Action Potential Phases

• Resting cell membrane has high permeability to potassium, low permeability to sodium and calcium.
• Phase 0 (depolarization) involves fast sodium channels opening between -70 mV to -50 mV.
• Local anesthetics can inhibit Phase 0 by blocking sodium influx.
• Phase 1 (early rapid repolarization) peaks at +20 to +30 mV.
• Slow calcium channels open at -40 mV to -25 mV, prolonging the refractory period.
• Phase 2 (plateau) maintains a membrane potential near 0 mV.
• Pharmacological effects of calcium channel blockers take effect during Phase 2.
• Phase 3 involves inactivation of slow calcium channels and sustained potassium efflux.
• Phase 4 restores the resting membrane potential, with ion exchange occurring between intracellular fluid (ICF) and extracellular fluid (ECF).

Cardiac Cycle and Function

• Atrial systole is the final rapid filling period, often referred to as the atrial kick, which may account for up to 30% of ventricular filling in mitral stenosis patients.
• Ventricular contraction commences with mitral valve closure and ends with aortic valve opening.
• The "a" wave indicates the end of atrial systole before mitral valve closure.
• The "c" wave is associated with ventricular contraction pressure affecting the mitral valve.
• The "v" wave occurs after blood return from pulmonary veins, indicating increased left atrial pressure before mitral valve opening.

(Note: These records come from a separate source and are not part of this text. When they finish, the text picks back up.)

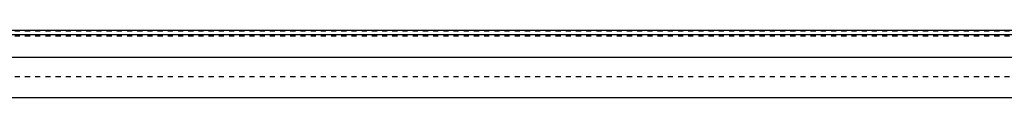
# Model space of a CAD drawing. Extents: x -906 to 186, y -120 to 120.
# Tile 7 of 9: x -318 to -125, y 64 to 77. Entities that reach past the tile are written whole.
import ezdxf

# ---------------------------------------------------------------- set-up
doc = ezdxf.new("R2010")
doc.units = 0
doc.linetypes.add('DASHED', pattern=[2, 1, -1])
doc.layers.add('AM_0', color=7, linetype='CONTINUOUS')
doc.layers.add('AM_3', color=7, linetype='DASHED')

msp = doc.modelspace()

# ---------------------------------------------------------------- linework, layer by layer
at = {"layer": 'AM_0', "color": 7, "linetype": 'CONTINUOUS'}
for p, q in [((75, 77.32), (-509, 77.32)), ((-509, 76.54), (75, 76.54)), ((-509, 72.1), (75, 72.1)), ((-509, 64.2), (75, 64.2))]:
    msp.add_line(p, q, dxfattribs=at)
at = {"layer": 'AM_3', "color": 6, "linetype": 'DASHED'}
for p, q in [((-509, 77.28), (75, 77.28)), ((-509, 76.29), (75, 76.29)), ((-509, 68.3), (75, 68.3))]:
    msp.add_line(p, q, dxfattribs=at)

doc.saveas('drawing.dxf')
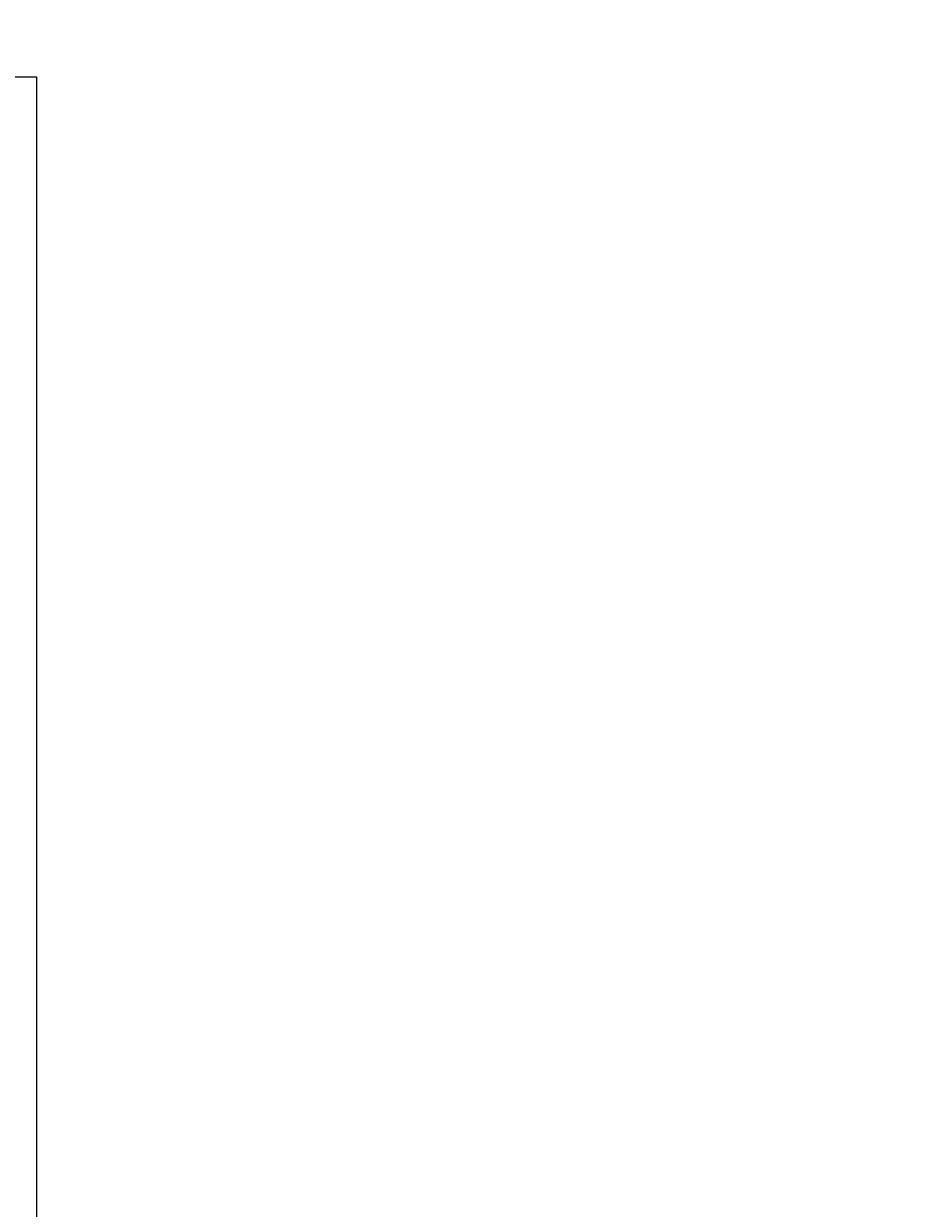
# Model space of a CAD drawing. Header units: millimetres. Extents: x -20950785 to 389010297, y -11535949 to 14056629.
# Tile 255 of 256: x 13686022 to 13772562, y -1538849 to -1423557. Entities that reach past the tile are written whole.
import ezdxf

# ---------------------------------------------------------------- set-up
doc = ezdxf.new("R2010")
doc.units = ezdxf.units.MM
doc.header["$LTSCALE"] = 60
doc.header["$MEASUREMENT"] = 0

msp = doc.modelspace()

# ---------------------------------------------------------------- linework, layer by layer
at = {"color": 7, "linetype": 'Continuous', "lineweight": 9, "ltscale": 2}
msp.add_lwpolyline([(13349894, -1428738.8), (13687270.2, -1428738.8), (13687270.2, -1668785), (13349894, -1668785)], close=True, dxfattribs=at)
msp.add_circle((13500903, -1533338), 347474.95, dxfattribs=at)

# ---------------------------------------------------------------- texts
at = {"linetype": 'Continuous', "lineweight": 9, "attachment_point": 1}
for s, insert, char_height, width in [('\\pi7448.80773;{\\fTimes New Roman|b0|i0|c0|p18;\\LCertified that the boring details  shown are correct.}', (12359942, -1472477.59), 1915.15152, 72153.3279), ('\\pi3313.63157;{\\fTimes New Roman|b0|i0|c0|p18;medium \\P\\pi1814.9834;compacted soil\\H1.00001x;\\P\\pi0;      }', (11748274.52, -1522913.25, -17483.87), 750, 10242.62), ('\\pi3313.63157;{\\fTimes New Roman|b0|i0|c0|p18;medium \\P\\pi1814.9834;compacted soil\\H1.00001x;\\P\\pi0;      }', (11721469.49, -1523931.04, -17483.87), 750, 10242.62), ('\\pi2740.72241;{\\fTimes New Roman|b0|i0|c0|p18;compacted \\P\\pi4359.6842;soil\\H1.00001x;\\P\\pi0;      }', (10497499.53, -1530929.72, -17483.87), 750, 10242.62), ('\\pi2740.72241;{\\fTimes New Roman|b0|i0|c0|p18;compacted \\P\\pi4359.6842;soil\\H1.00001x;\\P\\pi0;      }', (10470694.51, -1533491.03, -17483.87), 750, 10242.62)]:
    msp.add_mtext(s, dxfattribs=dict(at, insert=insert, char_height=char_height, width=width))

doc.saveas('drawing.dxf')

Myocardial Oxygen Dynamics

• Systolic compression of the coronary vessels reduces blood flow, while flow to other vessels remains unaffected.
• Myocardial oxygen demand is influenced by heart rate, contractility, wall tension, and afterload.
• Oxygen supply depends on coronary blood flow, hemoglobin levels, oxygen extraction efficiency, and vascular resistance factors.
• Elevated myocardial oxygen demand is a critical factor negatively impacting consumption.
• 80-90% of coronary blood flow occurs during diastole.

Pharmacological Influences

• Beta blockers can increase oxygen supply while decreasing demand, providing protection from ischemia.
• The myocardium extracts approximately 65-70% of available oxygen.
• Coronary artery vasodilation may boost blood flow by 3 to 5 times in response to stimuli.
• Vasodilators released in response to reduced oxygen delivery include nitric oxide, adenosine, prostaglandins, and others.

Coronary Blood Flow Regulation

• Coronary blood flow is maintained between a mean arterial pressure (MAP) range of 60 to 120 mmHg.
• Coronary perfusion pressure is primarily determined by diastolic blood pressure.

Reflex Responses and Thresholds

• Chemoreceptor responses involve peripheral chemoreceptors, central chemoreceptors, and mechanoreceptors, stimulating the SNS.
• SA node threshold potential is a critical determinant for rhythm initiation.
• Cardioaccelerator fibers originate from higher thoracic segments in spinal cord.

Anesthetic Effects

• Local anesthetics and opioids can influence cardiac conduction and contractility, with volatile anesthetics also providing similar effects.